Supplied entries START

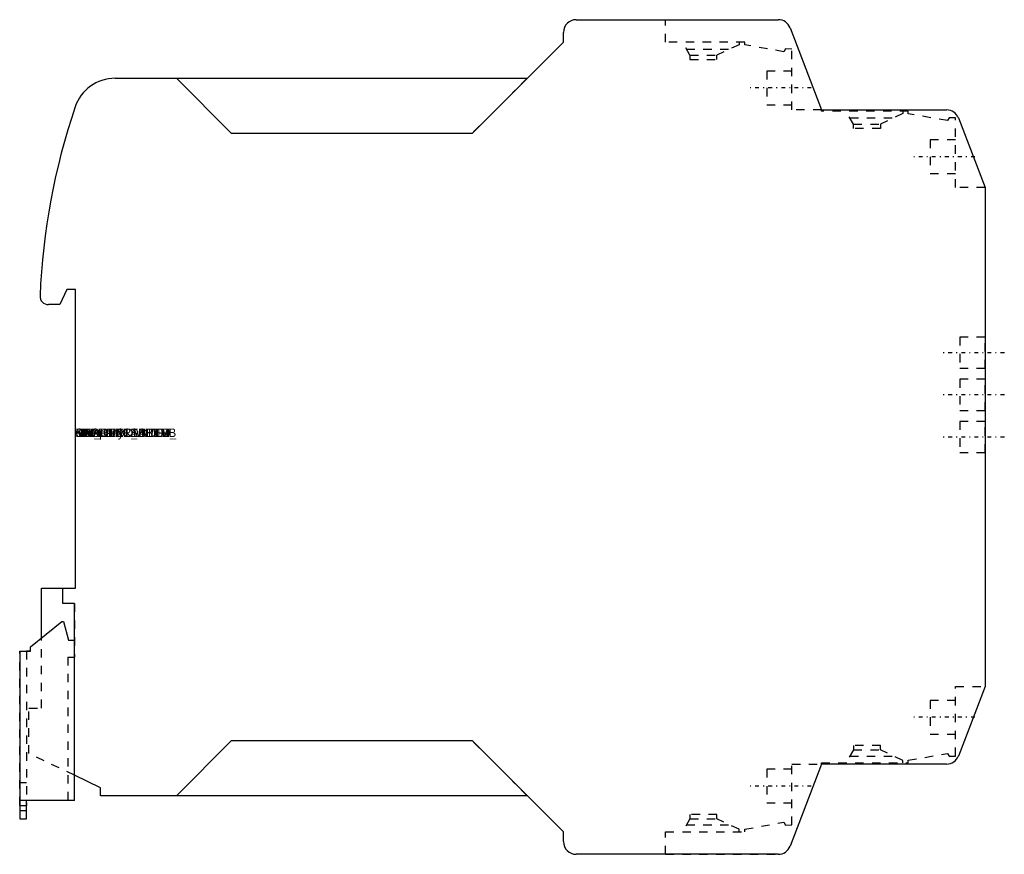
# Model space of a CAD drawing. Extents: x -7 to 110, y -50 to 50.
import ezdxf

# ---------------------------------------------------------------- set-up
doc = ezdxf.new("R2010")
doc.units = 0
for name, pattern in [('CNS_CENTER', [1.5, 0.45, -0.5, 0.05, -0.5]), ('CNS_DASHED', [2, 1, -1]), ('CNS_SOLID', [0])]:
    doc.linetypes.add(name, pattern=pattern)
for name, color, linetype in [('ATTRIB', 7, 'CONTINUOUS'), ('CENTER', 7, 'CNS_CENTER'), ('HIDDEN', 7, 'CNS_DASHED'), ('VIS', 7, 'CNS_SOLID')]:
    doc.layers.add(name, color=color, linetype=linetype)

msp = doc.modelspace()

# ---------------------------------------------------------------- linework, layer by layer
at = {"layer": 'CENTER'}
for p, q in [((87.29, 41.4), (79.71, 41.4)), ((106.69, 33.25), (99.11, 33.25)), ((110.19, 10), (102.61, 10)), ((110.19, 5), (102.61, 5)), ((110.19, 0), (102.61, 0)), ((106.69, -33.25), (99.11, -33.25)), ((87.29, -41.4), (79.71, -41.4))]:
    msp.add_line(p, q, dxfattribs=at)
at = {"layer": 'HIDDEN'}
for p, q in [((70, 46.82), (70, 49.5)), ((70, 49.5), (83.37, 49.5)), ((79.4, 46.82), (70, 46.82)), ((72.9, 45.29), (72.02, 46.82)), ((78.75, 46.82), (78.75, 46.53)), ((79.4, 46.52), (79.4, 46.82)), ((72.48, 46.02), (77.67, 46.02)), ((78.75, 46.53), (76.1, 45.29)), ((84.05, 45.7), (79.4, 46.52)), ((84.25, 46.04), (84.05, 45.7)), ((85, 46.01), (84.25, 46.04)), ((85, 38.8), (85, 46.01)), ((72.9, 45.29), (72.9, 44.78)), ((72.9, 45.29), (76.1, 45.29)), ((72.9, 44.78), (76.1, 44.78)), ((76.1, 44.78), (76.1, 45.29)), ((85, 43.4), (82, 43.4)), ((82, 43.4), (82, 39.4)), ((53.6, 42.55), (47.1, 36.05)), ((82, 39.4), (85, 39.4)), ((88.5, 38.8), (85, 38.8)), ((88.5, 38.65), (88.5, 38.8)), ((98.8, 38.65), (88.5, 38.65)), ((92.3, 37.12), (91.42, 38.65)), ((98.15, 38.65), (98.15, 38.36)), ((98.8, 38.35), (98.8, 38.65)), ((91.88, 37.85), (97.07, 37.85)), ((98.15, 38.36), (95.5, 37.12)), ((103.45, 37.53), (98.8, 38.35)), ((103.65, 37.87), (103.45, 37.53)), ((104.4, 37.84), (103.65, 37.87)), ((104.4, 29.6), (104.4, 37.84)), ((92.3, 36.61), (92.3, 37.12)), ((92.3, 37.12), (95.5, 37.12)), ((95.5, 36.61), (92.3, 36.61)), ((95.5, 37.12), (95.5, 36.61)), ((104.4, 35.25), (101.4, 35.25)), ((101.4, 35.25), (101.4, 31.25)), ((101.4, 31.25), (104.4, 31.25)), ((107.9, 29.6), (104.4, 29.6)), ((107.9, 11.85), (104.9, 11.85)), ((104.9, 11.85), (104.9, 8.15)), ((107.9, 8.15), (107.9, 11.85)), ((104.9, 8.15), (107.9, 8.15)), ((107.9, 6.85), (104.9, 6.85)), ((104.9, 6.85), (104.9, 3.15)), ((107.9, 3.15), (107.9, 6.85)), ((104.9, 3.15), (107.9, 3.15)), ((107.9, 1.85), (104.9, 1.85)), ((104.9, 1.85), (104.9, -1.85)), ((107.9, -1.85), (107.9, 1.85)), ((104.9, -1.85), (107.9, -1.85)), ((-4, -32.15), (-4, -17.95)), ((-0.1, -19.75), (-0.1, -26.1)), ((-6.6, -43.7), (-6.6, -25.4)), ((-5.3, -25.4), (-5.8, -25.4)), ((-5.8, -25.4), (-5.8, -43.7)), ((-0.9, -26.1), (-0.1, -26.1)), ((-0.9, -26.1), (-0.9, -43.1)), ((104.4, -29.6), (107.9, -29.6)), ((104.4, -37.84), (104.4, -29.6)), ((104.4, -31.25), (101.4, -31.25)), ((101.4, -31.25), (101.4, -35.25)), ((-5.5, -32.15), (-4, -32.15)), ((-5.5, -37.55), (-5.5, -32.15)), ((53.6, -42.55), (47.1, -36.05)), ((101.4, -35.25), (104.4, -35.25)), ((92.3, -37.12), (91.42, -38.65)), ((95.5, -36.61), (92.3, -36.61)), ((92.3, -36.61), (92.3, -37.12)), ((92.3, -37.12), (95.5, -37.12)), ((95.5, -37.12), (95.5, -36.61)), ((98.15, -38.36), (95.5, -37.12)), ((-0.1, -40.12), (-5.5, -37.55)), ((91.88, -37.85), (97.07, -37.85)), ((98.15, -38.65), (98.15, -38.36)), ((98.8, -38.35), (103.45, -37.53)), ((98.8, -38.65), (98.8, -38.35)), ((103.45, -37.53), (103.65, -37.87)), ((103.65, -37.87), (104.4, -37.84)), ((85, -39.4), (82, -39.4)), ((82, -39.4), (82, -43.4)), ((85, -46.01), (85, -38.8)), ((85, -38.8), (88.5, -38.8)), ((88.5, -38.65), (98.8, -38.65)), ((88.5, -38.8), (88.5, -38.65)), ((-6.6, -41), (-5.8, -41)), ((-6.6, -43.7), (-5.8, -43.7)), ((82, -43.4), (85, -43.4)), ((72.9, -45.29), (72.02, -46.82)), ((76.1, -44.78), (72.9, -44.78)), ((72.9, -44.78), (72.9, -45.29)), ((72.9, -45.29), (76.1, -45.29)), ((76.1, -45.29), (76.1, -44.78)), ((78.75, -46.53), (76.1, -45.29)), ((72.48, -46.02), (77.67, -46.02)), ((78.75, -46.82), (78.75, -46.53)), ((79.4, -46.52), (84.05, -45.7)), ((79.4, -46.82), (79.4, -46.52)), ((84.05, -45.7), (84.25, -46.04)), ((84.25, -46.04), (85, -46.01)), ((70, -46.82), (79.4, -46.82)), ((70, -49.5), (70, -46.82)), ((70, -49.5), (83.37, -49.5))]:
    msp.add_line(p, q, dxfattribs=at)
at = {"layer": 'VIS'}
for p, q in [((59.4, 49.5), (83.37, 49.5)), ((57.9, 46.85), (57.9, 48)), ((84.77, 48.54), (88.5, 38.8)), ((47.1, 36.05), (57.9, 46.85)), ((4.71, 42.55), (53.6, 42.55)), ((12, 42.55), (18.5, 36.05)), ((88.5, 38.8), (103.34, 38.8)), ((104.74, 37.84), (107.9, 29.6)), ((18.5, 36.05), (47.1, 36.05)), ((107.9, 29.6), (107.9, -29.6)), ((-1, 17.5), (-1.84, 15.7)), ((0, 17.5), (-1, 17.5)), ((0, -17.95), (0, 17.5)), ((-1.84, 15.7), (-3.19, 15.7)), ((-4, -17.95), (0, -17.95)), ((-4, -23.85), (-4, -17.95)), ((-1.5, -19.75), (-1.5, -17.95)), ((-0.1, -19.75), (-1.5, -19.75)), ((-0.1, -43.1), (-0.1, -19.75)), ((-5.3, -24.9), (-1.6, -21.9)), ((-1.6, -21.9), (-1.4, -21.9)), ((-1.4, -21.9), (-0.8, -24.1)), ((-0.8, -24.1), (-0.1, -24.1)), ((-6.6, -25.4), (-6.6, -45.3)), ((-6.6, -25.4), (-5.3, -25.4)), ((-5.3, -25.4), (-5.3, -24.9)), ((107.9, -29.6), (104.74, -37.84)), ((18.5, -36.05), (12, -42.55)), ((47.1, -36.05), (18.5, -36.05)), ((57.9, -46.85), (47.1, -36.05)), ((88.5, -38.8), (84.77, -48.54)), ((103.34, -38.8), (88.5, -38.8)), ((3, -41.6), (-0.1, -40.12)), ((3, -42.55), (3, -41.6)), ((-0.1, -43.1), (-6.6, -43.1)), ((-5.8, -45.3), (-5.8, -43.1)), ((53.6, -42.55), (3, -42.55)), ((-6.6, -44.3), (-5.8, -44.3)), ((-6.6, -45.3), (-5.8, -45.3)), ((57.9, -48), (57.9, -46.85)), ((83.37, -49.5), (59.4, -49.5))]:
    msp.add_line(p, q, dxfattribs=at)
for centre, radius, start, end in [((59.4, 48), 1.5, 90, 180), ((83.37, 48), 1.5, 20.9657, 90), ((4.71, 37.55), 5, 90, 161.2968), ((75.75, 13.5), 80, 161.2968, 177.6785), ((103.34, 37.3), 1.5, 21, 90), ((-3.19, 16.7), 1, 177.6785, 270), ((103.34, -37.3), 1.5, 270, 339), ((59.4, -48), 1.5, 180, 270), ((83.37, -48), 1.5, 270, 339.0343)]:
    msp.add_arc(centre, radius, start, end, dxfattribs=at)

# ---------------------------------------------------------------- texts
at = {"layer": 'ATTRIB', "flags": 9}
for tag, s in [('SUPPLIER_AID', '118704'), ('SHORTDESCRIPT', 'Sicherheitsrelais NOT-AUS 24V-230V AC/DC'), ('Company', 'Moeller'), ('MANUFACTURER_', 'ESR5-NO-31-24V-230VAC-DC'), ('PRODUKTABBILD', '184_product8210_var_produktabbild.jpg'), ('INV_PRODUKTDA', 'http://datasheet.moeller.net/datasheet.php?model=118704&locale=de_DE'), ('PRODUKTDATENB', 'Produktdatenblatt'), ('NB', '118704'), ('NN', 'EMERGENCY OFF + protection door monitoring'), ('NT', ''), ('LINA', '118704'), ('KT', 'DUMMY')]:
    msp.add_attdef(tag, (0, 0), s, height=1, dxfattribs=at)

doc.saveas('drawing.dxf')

Supplied entries END

▶ **Exercise prompt**
All lines from the one holding "for tag, s in" through the end of the entries need to be given again exactly. Leave out the others.

▶ **Answer box**
for tag, s in [('SUPPLIER_AID', '118704'), ('SHORTDESCRIPT', 'Sicherheitsrelais NOT-AUS 24V-230V AC/DC'), ('Company', 'Moeller'), ('MANUFACTURER_', 'ESR5-NO-31-24V-230VAC-DC'), ('PRODUKTABBILD', '184_product8210_var_produktabbild.jpg'), ('INV_PRODUKTDA', 'http://datasheet.moeller.net/datasheet.php?model=118704&locale=de_DE'), ('PRODUKTDATENB', 'Produktdatenblatt'), ('NB', '118704'), ('NN', 'EMERGENCY OFF + protection door monitoring'), ('NT', ''), ('LINA', '118704'), ('KT', 'DUMMY')]:
    msp.add_attdef(tag, (0, 0), s, height=1, dxfattribs=at)

doc.saveas('drawing.dxf')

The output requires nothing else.